While mallards were the predominant species taken during the author’s hunt, potholes attract a great mix of puddle ducks and diving ducks.

The first morning we were hunting a harvested bean field sitting at the edge of a cattail marsh too wet to plow for planting. Sheet-water had collected in the shallow areas of the field from rains earlier in the month, and the larger bean field behind us was completely flooded. We had just a handful of full-bodied blocks and a couple of spinning-wing decoys, and the mallards came swarming in at first light. In the fifteen minutes before legal shooting light, there were several hundred birds buzzing our location, landing in the decoys and taking off again. The lightening sky featured a swarming melee of ducks, and the sound of calling birds came from every direction. The five of us were giddy.
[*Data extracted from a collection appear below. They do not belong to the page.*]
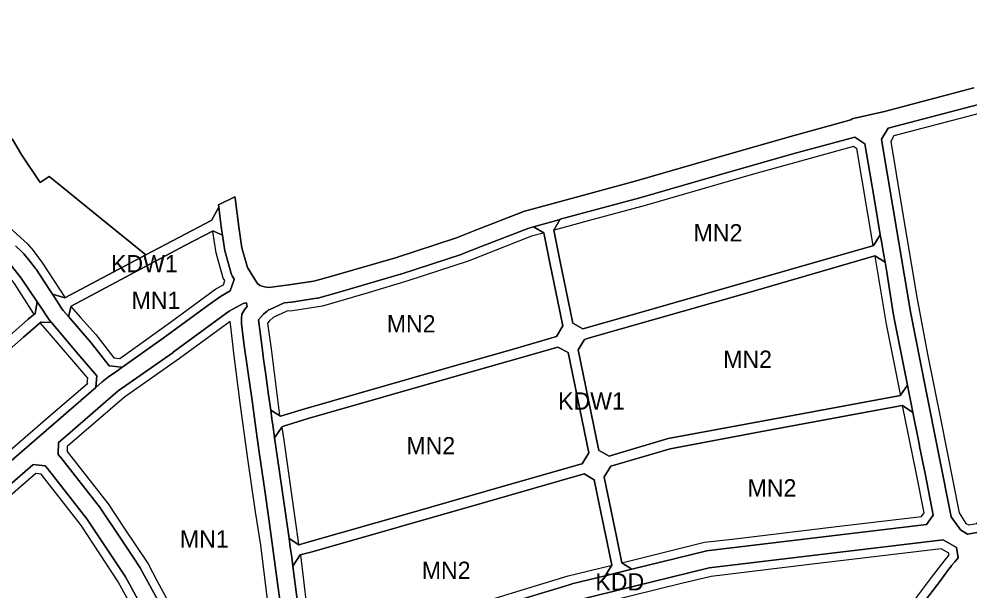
# Model space of a CAD drawing. Extents: x -284239 to -281592, y 34477 to 37267.
# Drawn here: x -283094 to -282544, y 35315 to 35646 of the extents above; entities that cross this region are included whole.
import ezdxf

# ---------------------------------------------------------------- set-up
doc = ezdxf.new("R2010")
doc.units = 0
for name, color, linetype in [('linie_rozgraniczajace', 7, 'Continuous'), ('linie_zabudowy_nieprzekraczalne', 7, 'Continuous'), ('oznaczenia_przeznaczen', 7, 'Continuous')]:
    doc.layers.add(name, color=color, linetype=linetype)

msp = doc.modelspace()

# ---------------------------------------------------------------- linework, layer by layer
at = {"layer": 'linie_rozgraniczajace'}
for points in [[(-283122.401, 35370.041), (-283092.511, 35395.841), (-283074.122, 35411.847), (-283049.517, 35433.096), (-283045.855, 35436.258), (-283043.093, 35438.643), (-283041.738, 35439.478), (-283040.283, 35440.507), (-283038.765, 35441.581), (-283034.614, 35444.517), (-283010.624, 35461.483), (-282984.677, 35480.528), (-282977.502, 35485.747), (-282971.756, 35488.886), (-282969.499, 35495.532), (-282969.458, 35495.694), (-282970.673, 35497.597), (-282971.078, 35498.373), (-282971.271, 35498.931), (-282974.801, 35511.457), (-282974.841, 35511.748), (-282974.937, 35512.094), (-282976.257, 35521.17), (-282976.758, 35524.62), (-282976.763, 35524.68), (-282976.771, 35524.709), (-282976.942, 35526.06), (-282977.741, 35532.338), (-282978.366, 35537.259), (-282978.548, 35538.69), (-282969.099, 35543.342), (-282969.003, 35542.832), (-282968.986, 35542.648), (-282968.957, 35542.539), (-282966.856, 35526.015), (-282965.088, 35513.856), (-282961.846, 35502.354), (-282956.141, 35493.416), (-282954.729, 35492.077), (-282951.944, 35491.238), (-282949.47, 35490.951), (-282937.799, 35492.318), (-282923.424, 35494.483), (-282912.929, 35497.355), (-282876.096, 35508.082), (-282840.905, 35519.624), (-282830.273, 35523.842), (-282802.469, 35534.668), (-282802.432, 35534.675), (-282801.983, 35534.829), (-282783.578, 35539.9), (-282737.43, 35552.362), (-282694.136, 35564.821), (-282648.858, 35577.749), (-282648.826, 35577.758), (-282612.707, 35587.764), (-282612.158, 35588.222), (-282612.073, 35588.398), (-282593.089, 35592.751), (-282593.067, 35592.733), (-282541.365, 35606.362)], [(-282541.365, 35606.362), (-282593.067, 35592.733), (-282593.089, 35592.751), (-282612.073, 35588.398), (-282612.158, 35588.222), (-282612.707, 35587.764), (-282648.826, 35577.758), (-282648.858, 35577.749), (-282694.136, 35564.821), (-282737.43, 35552.362), (-282783.578, 35539.9), (-282801.983, 35534.829), (-282802.432, 35534.675), (-282802.469, 35534.668), (-282830.273, 35523.842), (-282840.905, 35519.624), (-282876.096, 35508.082), (-282912.929, 35497.355), (-282923.424, 35494.483), (-282937.799, 35492.318), (-282949.47, 35490.951), (-282951.944, 35491.238), (-282954.729, 35492.077), (-282956.141, 35493.416), (-282961.846, 35502.354), (-282965.088, 35513.856), (-282966.856, 35526.015), (-282968.957, 35542.539), (-282968.986, 35542.648), (-282969.003, 35542.832), (-282969.099, 35543.342), (-282978.548, 35538.69), (-282978.366, 35537.259), (-282982.4, 35530.016), (-282982.468, 35529.851), (-283020.633, 35509.776), (-283020.679, 35509.813), (-283045.925, 35530.211), (-283051.157, 35534.466), (-283071.775, 35551.124), (-283076.605, 35555.029), (-283081.782, 35551.573), (-283092.471, 35567.431), (-283098.027, 35576.957)], [(-282538.845, 35596.685), (-282590.976, 35582.942), (-282594.917, 35576.583), (-282594.945, 35576.545), (-282578.266, 35477.933), (-282578.248, 35477.827), (-282569.253, 35431.856), (-282554.592, 35358.189), (-282554.568, 35358.169), (-282549.241, 35350.623), (-282545.086, 35348.256), (-282544.893, 35348.256), (-282537.511, 35349.521)], [(-282537.511, 35349.521), (-282544.893, 35348.256), (-282545.086, 35348.256), (-282549.241, 35350.623), (-282554.568, 35358.169), (-282554.592, 35358.189), (-282569.253, 35431.856), (-282578.248, 35477.827), (-282578.266, 35477.933), (-282594.945, 35576.545), (-282594.917, 35576.583), (-282590.976, 35582.942), (-282538.845, 35596.685)], [(-283098.027, 35576.957), (-283092.471, 35567.431), (-283081.782, 35551.573), (-283076.605, 35555.029), (-283071.775, 35551.124), (-283051.157, 35534.466), (-283045.925, 35530.211), (-283020.679, 35509.813), (-283067.597, 35484.813), (-283074.693, 35486.963), (-283077.051, 35490.569), (-283084.172, 35501.458), (-283084.423, 35501.791), (-283084.63, 35502.141), (-283085.634, 35503.394), (-283088.527, 35507.004), (-283091.222, 35510.367), (-283091.303, 35510.42), (-283091.353, 35510.492), (-283092.56, 35511.615), (-283096.13, 35514.935)], [(-282802.477, 35310.724), (-282774.356, 35319.339), (-282774.277, 35319.35), (-282774.084, 35319.413), (-282754.88, 35324.131), (-282739.337, 35327.949), (-282696.757, 35338.409), (-282696.418, 35338.45), (-282696.159, 35338.518), (-282568.939, 35353.762), (-282564.906, 35359.202), (-282569.71, 35383.257), (-282572.844, 35398.948), (-282572.957, 35399.51), (-282576.754, 35418.516), (-282577.757, 35423.533), (-282578.922, 35429.365), (-282579.935, 35434.433), (-282587.244, 35471.014), (-282588.06, 35476.058), (-282591.874, 35499.656), (-282592.867, 35505.477), (-282593.733, 35510.564), (-282594.752, 35516.539), (-282595.57, 35521.338), (-282598.971, 35541.299), (-282601.665, 35557.108), (-282604.564, 35574.065), (-282610.287, 35577.766), (-282646.138, 35568.127), (-282691.379, 35555.208), (-282734.716, 35542.739), (-282780.77, 35530.297), (-282780.948, 35530.252), (-282796.209, 35526.047), (-282799.08, 35525.256), (-282826.611, 35514.537), (-282837.358, 35510.273), (-282837.528, 35510.24), (-282837.644, 35510.169), (-282873.059, 35498.554), (-282873.094, 35498.548), (-282873.219, 35498.504), (-282910.184, 35487.741), (-282921.068, 35484.76), (-282921.335, 35484.724), (-282921.644, 35484.638), (-282936.391, 35482.418), (-282936.502, 35482.409), (-282936.554, 35482.396), (-282940.521, 35481.931), (-282949.195, 35477.893), (-282949.561, 35477.948), (-282950.386, 35477.232), (-282952.502, 35475.38), (-282955.413, 35472.073), (-282953.369, 35456.191), (-282952.502, 35449.451), (-282951.216, 35440.273), (-282949.592, 35428.681), (-282948.353, 35419.888), (-282947.646, 35414.871), (-282947.119, 35411.131), (-282946.763, 35408.6), (-282946.101, 35403.906), (-282943.506, 35385.487), (-282937.751, 35345.57), (-282937.035, 35340.608), (-282936.363, 35335.944), (-282936.23, 35334.916), (-282935.563, 35329.754), (-282933.055, 35310.346)], [(-283096.13, 35514.935), (-283092.56, 35511.615), (-283091.353, 35510.492), (-283091.303, 35510.42), (-283091.222, 35510.367), (-283088.527, 35507.004), (-283085.634, 35503.394), (-283084.63, 35502.141), (-283084.423, 35501.791), (-283084.172, 35501.458), (-283077.051, 35490.569), (-283074.693, 35486.963), (-283071.816, 35482.565), (-283069.172, 35478.522), (-283068.391, 35477.617), (-283065.315, 35474.055), (-283052.24, 35458.913), (-283052.176, 35458.841), (-283041.854, 35445.556), (-283041.558, 35445.516), (-283034.81, 35444.688), (-283034.614, 35444.517), (-283038.765, 35441.581), (-283040.283, 35440.507), (-283041.738, 35439.478), (-283043.093, 35438.643), (-283045.855, 35436.258), (-283049.517, 35433.096), (-283049.609, 35433.203), (-283048.926, 35439.806), (-283059.768, 35452.332), (-283075.196, 35470.539), (-283076.594, 35472.189), (-283077.753, 35473.919), (-283081.071, 35478.87), (-283083.567, 35482.594), (-283092.708, 35496.233), (-283098.436, 35503.424)], [(-283098.436, 35503.424), (-283092.708, 35496.233), (-283083.567, 35482.594), (-283084.701, 35475.893), (-283088.711, 35472.604), (-283104.997, 35457.997)], [(-282943.089, 35309.907), (-282946.701, 35337.049), (-282949.546, 35356.967), (-282951.844, 35373.383), (-282955.018, 35395.6), (-282956.918, 35409.53), (-282959.286, 35426.9), (-282961.694, 35442.66), (-282963.992, 35458.748), (-282965.196, 35470.13), (-282965.196, 35472.975), (-282965.087, 35475.492), (-282963.992, 35477.353), (-282962.017, 35480.094), (-282962.027, 35480.143), (-282962.311, 35481.672), (-282962.36, 35481.933), (-282964.392, 35481.627), (-282972.348, 35477.172), (-282976.642, 35474.02), (-283004.772, 35453.374), (-283004.831, 35453.341), (-283004.903, 35453.281), (-283036.557, 35431.075), (-283067.572, 35404.292), (-283071.166, 35401.163), (-283071.276, 35394.369), (-283071.32, 35394.224), (-283069.938, 35392.654), (-283069.909, 35392.608), (-283069.755, 35392.434), (-283046.803, 35363.131), (-283046.73, 35363.006), (-283046.581, 35362.825), (-283035.664, 35346.482), (-283027.554, 35334.272), (-283023.886, 35328.749), (-283023.75, 35328.494), (-283023.658, 35328.372), (-283009.305, 35301.979)], [(-283009.305, 35301.979), (-283023.658, 35328.372), (-283023.75, 35328.494), (-283023.886, 35328.749), (-283027.554, 35334.272), (-283035.664, 35346.482), (-283046.581, 35362.825), (-283046.73, 35363.006), (-283046.803, 35363.131), (-283069.755, 35392.434), (-283069.909, 35392.608), (-283069.938, 35392.654), (-283071.32, 35394.224), (-283071.276, 35394.369), (-283071.166, 35401.163), (-283067.572, 35404.292), (-283036.557, 35431.075), (-283004.903, 35453.281), (-283004.831, 35453.341), (-283004.772, 35453.374), (-282976.642, 35474.02), (-282972.348, 35477.172), (-282964.392, 35481.627), (-282962.36, 35481.933), (-282962.311, 35481.672), (-282962.027, 35480.143), (-282962.017, 35480.094), (-282963.992, 35477.353), (-282965.087, 35475.492), (-282965.196, 35472.975), (-282965.196, 35470.13), (-282963.992, 35458.748), (-282961.694, 35442.66), (-282959.286, 35426.9), (-282956.918, 35409.53), (-282955.018, 35395.6), (-282951.844, 35373.383), (-282949.546, 35356.967), (-282946.701, 35337.049), (-282943.089, 35309.907)], [(-283101.438, 35453.229), (-283091.364, 35462.228), (-283081.391, 35470.733), (-283075.196, 35470.539), (-283059.768, 35452.332), (-283048.926, 35439.806), (-283049.609, 35433.203), (-283049.517, 35433.096), (-283074.122, 35411.847), (-283092.511, 35395.841), (-283122.401, 35370.041)], [(-283018.159, 35297.33), (-283032.338, 35323.4), (-283043.986, 35340.938), (-283054.792, 35357.113), (-283077.539, 35386.154), (-283078.934, 35387.739), (-283078.971, 35387.739), (-283085.791, 35388.432), (-283085.962, 35388.284), (-283115.933, 35362.414)], [(-283115.933, 35362.414), (-283085.962, 35388.284), (-283085.791, 35388.432), (-283078.971, 35387.739), (-283078.934, 35387.739), (-283077.539, 35386.154), (-283054.792, 35357.113), (-283043.986, 35340.938), (-283032.338, 35323.4), (-283018.159, 35297.33)], [(-282933.055, 35310.346), (-282935.563, 35329.754), (-282931.33, 35336.192), (-282924.365, 35337.992), (-282824.617, 35366.567), (-282766.972, 35382.993), (-282761.124, 35379.541), (-282757.111, 35359.942), (-282757.095, 35359.939), (-282753.895, 35344.234), (-282753.893, 35344.223), (-282751.027, 35330.222), (-282754.88, 35324.131), (-282774.084, 35319.413), (-282774.277, 35319.35), (-282774.356, 35319.339), (-282802.477, 35310.724)], [(-282573.319, 35305.021), (-282561.18, 35320.73), (-282556.044, 35327.727), (-282554.998, 35329.151), (-282554.293, 35330.112), (-282552.538, 35332.098), (-282550.456, 35334.409), (-282551.417, 35340.364), (-282559.298, 35344.846), (-282694.667, 35328.625), (-282771.562, 35309.736)], [(-282771.562, 35309.736), (-282694.667, 35328.625), (-282559.298, 35344.846), (-282551.417, 35340.364), (-282550.456, 35334.409), (-282552.538, 35332.098), (-282554.293, 35330.112), (-282554.998, 35329.151), (-282556.044, 35327.727), (-282561.18, 35320.73), (-282573.319, 35305.021)]]:
    msp.add_lwpolyline(points, dxfattribs=at)
for points in [[(-282784.589, 35524.075), (-282780.77, 35530.297), (-282734.716, 35542.739), (-282691.379, 35555.208), (-282646.138, 35568.127), (-282610.287, 35577.766), (-282604.564, 35574.065), (-282601.665, 35557.108), (-282598.971, 35541.299), (-282595.57, 35521.338), (-282599.356, 35515.264), (-282599.401, 35515.199), (-282672.613, 35494.096), (-282741.934, 35474.318), (-282767.642, 35466.903), (-282773.452, 35470.285), (-282773.582, 35470.311), (-282777.609, 35489.98), (-282777.629, 35489.995), (-282780.828, 35505.725), (-282780.833, 35505.728)], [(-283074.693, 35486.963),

Legal shooting light just about corresponds exactly with when you can see colors on ducks against the sky. When we heard a shot in the distance, our guide said that it was time. There was already a flight of forty birds banking to look at our spinning-wing decoys, and as they curled over the bean field and cupped up their wings to land in front of us, I stood up and picked out the only greenhead I could see, folding the bird with a single shot. A second, bigger group of birds was already coming in when the first shot rang out and I picked a second flaring bird out of this group and missed the first shot but killed a different drake mallard with my next shot. With barely time to reload, the third bird was a fast crossing shot, and I never did catch all the way up with my swing, missing it once, maybe clipping tail feathers with the second shot, and a third shot was hurled somewhere in its general direction. The bird flew on.

Stubble fields attract thousands of waterfowl to the Dakotas.

Then the frenzy was over. The birds had quickly figured out that something was amiss on our part of the harvested field, and there were already 2,000 to 3,000 birds just 300 yards away in the flooded bean field feeding and calling happily to all the birds still in the air. We had a few stray groups and flights of two or three birds come to look at our spread, but our shooting was over until the birds started leaving the field two hours later to sit on one of the forty or fifty potholes within a mile of our blind. While I was taking photographs, my hunting partners bagged a few more greenheads but quit when we had our limit of hen mallards, just to make sure we didn’t shoot an over-limit.


The next morning we were on a completely different set-up, with both duck and goose decoys on a deeper pothole. The wind was blowing, and there was ice in the shallows around the cattails. It was a half-inch thick, and the young Labrador lunged through the ice as we set decoys. Dawn was mostly uneventful, with just a single flight of widgeon banking in to our decoys, and we tumbled two distant birds. As the light increased, there were more and more small flights of birds—two here, five there, a trio and then another pair. Mostly there were ringnecks that wanted to stay out in the deeper, open water, only occasionally swinging close enough to offer us a shot, but the widgeon wanted to land on us and we dumped several more birds. Three pintails circled for two passes before committing, but they landed on the water just out of range, and we settled for admiring the big bull sprig with two hens in the first ray of sunlight that managed to momentarily pierce the clouds that day.